The missing drama in ‘Oslo’

The first thought that popped into my mind last year after seeing the play “Oslo,” which won the Tony award for best play last Sunday night, was: “That’s it?”

The play left me empty. The brilliant acting and stage directing couldn’t overcome my disappointment that “Oslo” added little to the conversation and only reinforced Western stereotypes about conflict resolution.

The play deftly dramatizes the behind-the-scenes efforts of a Norwegian diplomat-couple who bring Israelis and Palestinians together to sign the 1993 Oslo Accords. As you can imagine, to get these parties to agree to anything, there is endless coddling, nudging, arguing and agonizing.
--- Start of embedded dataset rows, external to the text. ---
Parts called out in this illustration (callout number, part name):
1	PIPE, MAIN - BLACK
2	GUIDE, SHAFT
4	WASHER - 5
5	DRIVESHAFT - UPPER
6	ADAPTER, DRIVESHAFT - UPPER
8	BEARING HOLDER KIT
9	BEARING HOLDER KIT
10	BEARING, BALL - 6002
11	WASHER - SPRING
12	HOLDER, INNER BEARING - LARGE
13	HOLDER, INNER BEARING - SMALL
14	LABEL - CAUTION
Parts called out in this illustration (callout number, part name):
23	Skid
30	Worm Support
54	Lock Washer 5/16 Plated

It’s in those twists and turns that the play finds most of its drama.

But there’s an elephant in the room, and it looms over everything. No matter how much drama you see on stage, you can’t help but feel the distracting drama of that elephant, which is this: The agreement that the play worships has turned out to be a dud, a failure of the highest order. The light at the end of the tunnel was really an oncoming train.
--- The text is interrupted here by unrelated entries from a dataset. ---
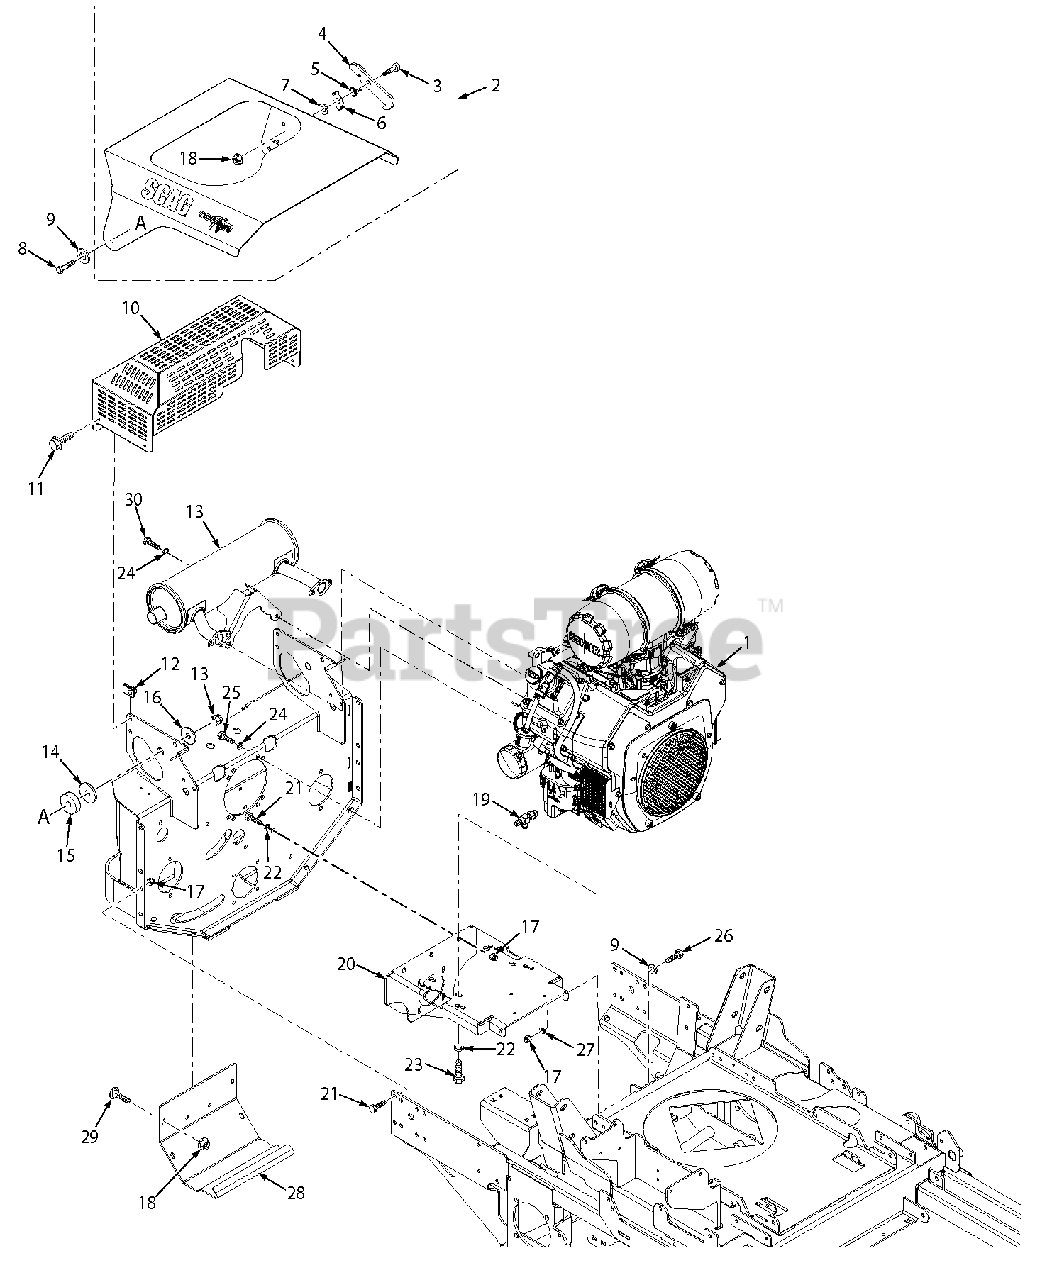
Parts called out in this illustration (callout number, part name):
1	Engine, 26EFI - Kohler
1	Engine, 35BV - Briggs & Stratton
2	Hood Assy., STTII (EFI)
2	Hood Assy., STTII (35BV)
3	Bolt, Shoulder 3/8-1/2
4	Latch, Hood
5	Spring, Hood
6	Lock, Hood
7	Flatwasher, 3/8-.406 x .812 x .065
8	Bolt, Hex Head 3/8-16 x 1-3/4"
9	Flatwasher, 3/8-.391 x .938 x .105
10	Guard, Muffler
11	Bolt, Hex Head Serrated Flange 1/4-20 x 3/4"
12	U-Nut,. 1/4-20
13	Muffler, 26EFI - Kohler
13	Muffler, 35BV - Briggs & Stratton
14	Disc, Anti-Friction
15	Spacer, Hood
16	Flatwasher, 3/8-.406 x 1.50 x 7 Gauge
17	Nut, Elastic Stop 3/8-16
18	Nut, Serrated Flange 5/16-18
19	Oil Drain, 35BV - Briggs & Stratton
20	Plate Weldment, Engine Mounting
21	Bolt, Hex Head 3/8-16 x 1"
22	Lockwasher, 3/8
22	Flatwasher, 5/16-.375 x .875 x .083 (35BV)
23	Bolt, Hex Head 3/8-16 x 1-3/4" (EFI)
23	Bolt, Hex Head 5/16-18 x 2-1/2" (x3) (35BV)
23	Bolt, Hex Head 5/16-18 x 2-1/2" (35BV)
23	Nut, Serrated Flange 5/16-18 (35BV)
24	Lockwasher, 3/8"
25	Bolt, Hex Head 3/16-1"
26	Bolt, Hex Head 3/8-16 x 1-1/4"
27	Lockwasher, 3/8"
28	Cover, Rear
29	Bolt, Carriage 5/16-18 x 3/4"
30	Bolt, Hex Head 3/8-16 x 1"

So, as much as I enjoyed the acting and the story, I felt its emptiness. Because the play makes such a powerful claim to historical truth, that truth comes back to haunt it. The play wants to have it both ways: It wants us to enjoy the history it shows, but ignore the history that annoys. In my case at least, it was too much to ask.

The failure of Oslo makes the drama in “Oslo” almost trivial. The real drama of the Oslo story is not in its excruciating negotiations, but in its inevitable failure. The agreement itself is transitional. It doesn’t tackle the most serious issues of contention. It kicks the can down the road in the hope that the parties will soften with the years. Of course, the opposite happened. The parties have grown even further apart since Oslo.
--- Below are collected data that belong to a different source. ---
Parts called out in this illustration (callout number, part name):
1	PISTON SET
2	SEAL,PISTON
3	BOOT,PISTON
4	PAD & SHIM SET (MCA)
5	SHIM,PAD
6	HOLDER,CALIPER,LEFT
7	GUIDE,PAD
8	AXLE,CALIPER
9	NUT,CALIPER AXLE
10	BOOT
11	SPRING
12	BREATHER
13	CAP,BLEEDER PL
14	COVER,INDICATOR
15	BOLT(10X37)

In real life, that kind of tragedy can be demoralizing. It’s almost too much to bear. But that’s why we need great art—to make us confront ugly truths. Great art is not there to manufacture hope. That’s what preachers are for. Great art should have the courage to take us where we don’t want to go.

The Israeli-Palestinian conflict is an existential conflict where core narratives are rejected, mistrust rules, resentments accumulate and hatred flourishes. Brilliant negotiators are useless in the face of such hardened conditions. A play that would have tried to capture that tragedy would have captivated me.

Would it have won a Tony? Probably not. Tragedy doesn’t sell. Hope sells. Hope is the elixir of the civilized mind. No matter what reality tells us, we must show some hope. The price we pay for this obsession is that we don’t learn our lessons. In the case of Oslo, the great lesson is that when a foundation is corroded, you can’t build anything.

From the standpoint of the Palestinians, if your society marinates you in Jew-hatred from birth, if you are taught that the Zionist narrative is a fraud and that Israel is a land thief, and if you are promised that millions of refugees will eventually return to that hated Israel and take over, how does a piece of paper negotiated in a Norwegian ivory tower counter any of that? It doesn’t and it can’t, not even if it’s signed on the front lawn of the White House.

I hope a playwright will tackle the Oslo story one day without fear of incorporating its tragedy and going to the depressing depths of the conflict. As they say in Alcoholics Anonymous, sometimes you have to hit your own bottom before you can see the way up. Maybe the playwright can write an alternate, fictitious story where the heroes are not glamorous negotiators but real change-makers, like educators and bridge-builders.

Ironically, by going to that ugly bottom, we might find some real hope.

“Oslo” never takes us to that ugly bottom. It prefers the comfortable Western cliché that brilliant and determined negotiators can accomplish miracles. That may be true on Broadway, but not in Jerusalem.